--- THE TASK ---
I'd like the listing below copied exactly, with the images left out.

--- DATA EXTRACTS ---
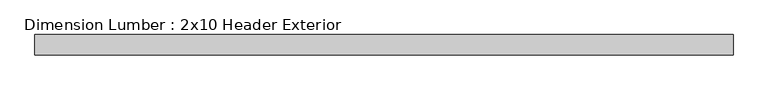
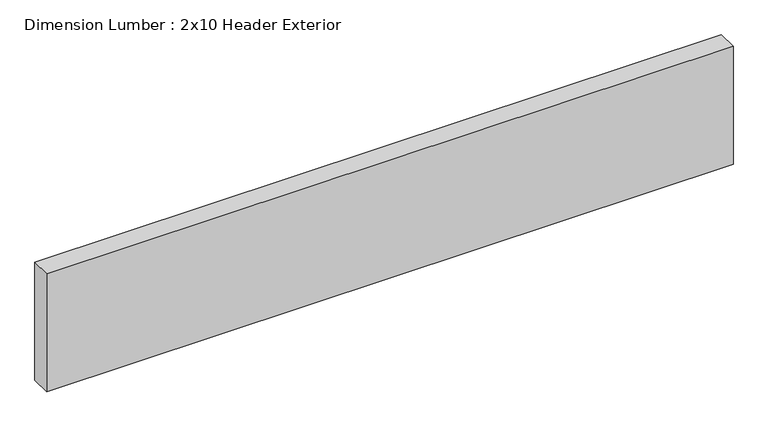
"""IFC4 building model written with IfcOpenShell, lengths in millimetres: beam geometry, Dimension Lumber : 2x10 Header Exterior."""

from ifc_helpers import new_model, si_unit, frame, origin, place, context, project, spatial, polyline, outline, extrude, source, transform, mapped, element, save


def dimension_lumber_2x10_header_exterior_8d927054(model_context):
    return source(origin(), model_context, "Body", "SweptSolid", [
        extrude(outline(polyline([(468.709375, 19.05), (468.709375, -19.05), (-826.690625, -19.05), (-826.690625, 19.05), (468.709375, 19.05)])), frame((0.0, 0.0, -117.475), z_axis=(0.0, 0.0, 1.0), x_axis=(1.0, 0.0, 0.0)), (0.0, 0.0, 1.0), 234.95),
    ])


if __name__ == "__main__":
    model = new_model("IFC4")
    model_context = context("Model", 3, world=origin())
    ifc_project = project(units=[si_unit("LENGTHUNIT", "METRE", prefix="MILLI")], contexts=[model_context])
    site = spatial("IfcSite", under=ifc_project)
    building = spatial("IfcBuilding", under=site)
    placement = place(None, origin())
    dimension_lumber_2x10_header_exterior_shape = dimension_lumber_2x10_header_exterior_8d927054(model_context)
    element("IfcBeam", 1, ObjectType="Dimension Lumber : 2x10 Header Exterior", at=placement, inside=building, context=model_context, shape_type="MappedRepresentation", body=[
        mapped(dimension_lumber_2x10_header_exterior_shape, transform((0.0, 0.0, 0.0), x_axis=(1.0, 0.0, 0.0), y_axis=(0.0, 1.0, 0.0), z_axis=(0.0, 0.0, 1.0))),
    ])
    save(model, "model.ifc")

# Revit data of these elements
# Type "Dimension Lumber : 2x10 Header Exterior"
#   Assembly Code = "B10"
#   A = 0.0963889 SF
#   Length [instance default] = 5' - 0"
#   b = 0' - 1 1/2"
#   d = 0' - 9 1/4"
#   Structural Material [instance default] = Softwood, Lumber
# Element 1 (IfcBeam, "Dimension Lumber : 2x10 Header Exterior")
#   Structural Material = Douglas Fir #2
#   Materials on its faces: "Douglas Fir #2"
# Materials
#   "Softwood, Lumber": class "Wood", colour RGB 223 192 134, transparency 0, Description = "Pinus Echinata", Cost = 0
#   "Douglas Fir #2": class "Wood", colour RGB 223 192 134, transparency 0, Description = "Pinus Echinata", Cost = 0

--- RESPONSE TO THE EXERCISE ---
"""IFC4 building model written with IfcOpenShell, lengths in millimetres: beam geometry, Dimension Lumber : 2x10 Header Exterior."""

from ifc_helpers import new_model, si_unit, frame, origin, place, context, project, spatial, polyline, outline, extrude, source, transform, mapped, element, save


def dimension_lumber_2x10_header_exterior_8d927054(model_context):
    return source(origin(), model_context, "Body", "SweptSolid", [
        extrude(outline(polyline([(468.709375, 19.05), (468.709375, -19.05), (-826.690625, -19.05), (-826.690625, 19.05), (468.709375, 19.05)])), frame((0.0, 0.0, -117.475), z_axis=(0.0, 0.0, 1.0), x_axis=(1.0, 0.0, 0.0)), (0.0, 0.0, 1.0), 234.95),
    ])


if __name__ == "__main__":
    model = new_model("IFC4")
    model_context = context("Model", 3, world=origin())
    ifc_project = project(units=[si_unit("LENGTHUNIT", "METRE", prefix="MILLI")], contexts=[model_context])
    site = spatial("IfcSite", under=ifc_project)
    building = spatial("IfcBuilding", under=site)
    placement = place(None, origin())
    dimension_lumber_2x10_header_exterior_shape = dimension_lumber_2x10_header_exterior_8d927054(model_context)
    element("IfcBeam", 1, ObjectType="Dimension Lumber : 2x10 Header Exterior", at=placement, inside=building, context=model_context, shape_type="MappedRepresentation", body=[
        mapped(dimension_lumber_2x10_header_exterior_shape, transform((0.0, 0.0, 0.0), x_axis=(1.0, 0.0, 0.0), y_axis=(0.0, 1.0, 0.0), z_axis=(0.0, 0.0, 1.0))),
    ])
    save(model, "model.ifc")

# Revit data of these elements
# Type "Dimension Lumber : 2x10 Header Exterior"
#   Assembly Code = "B10"
#   A = 0.0963889 SF
#   Length [instance default] = 5' - 0"
#   b = 0' - 1 1/2"
#   d = 0' - 9 1/4"
#   Structural Material [instance default] = Softwood, Lumber
# Element 1 (IfcBeam, "Dimension Lumber : 2x10 Header Exterior")
#   Structural Material = Douglas Fir #2
#   Materials on its faces: "Douglas Fir #2"
# Materials
#   "Softwood, Lumber": class "Wood", colour RGB 223 192 134, transparency 0, Description = "Pinus Echinata", Cost = 0
#   "Douglas Fir #2": class "Wood", colour RGB 223 192 134, transparency 0, Description = "Pinus Echinata", Cost = 0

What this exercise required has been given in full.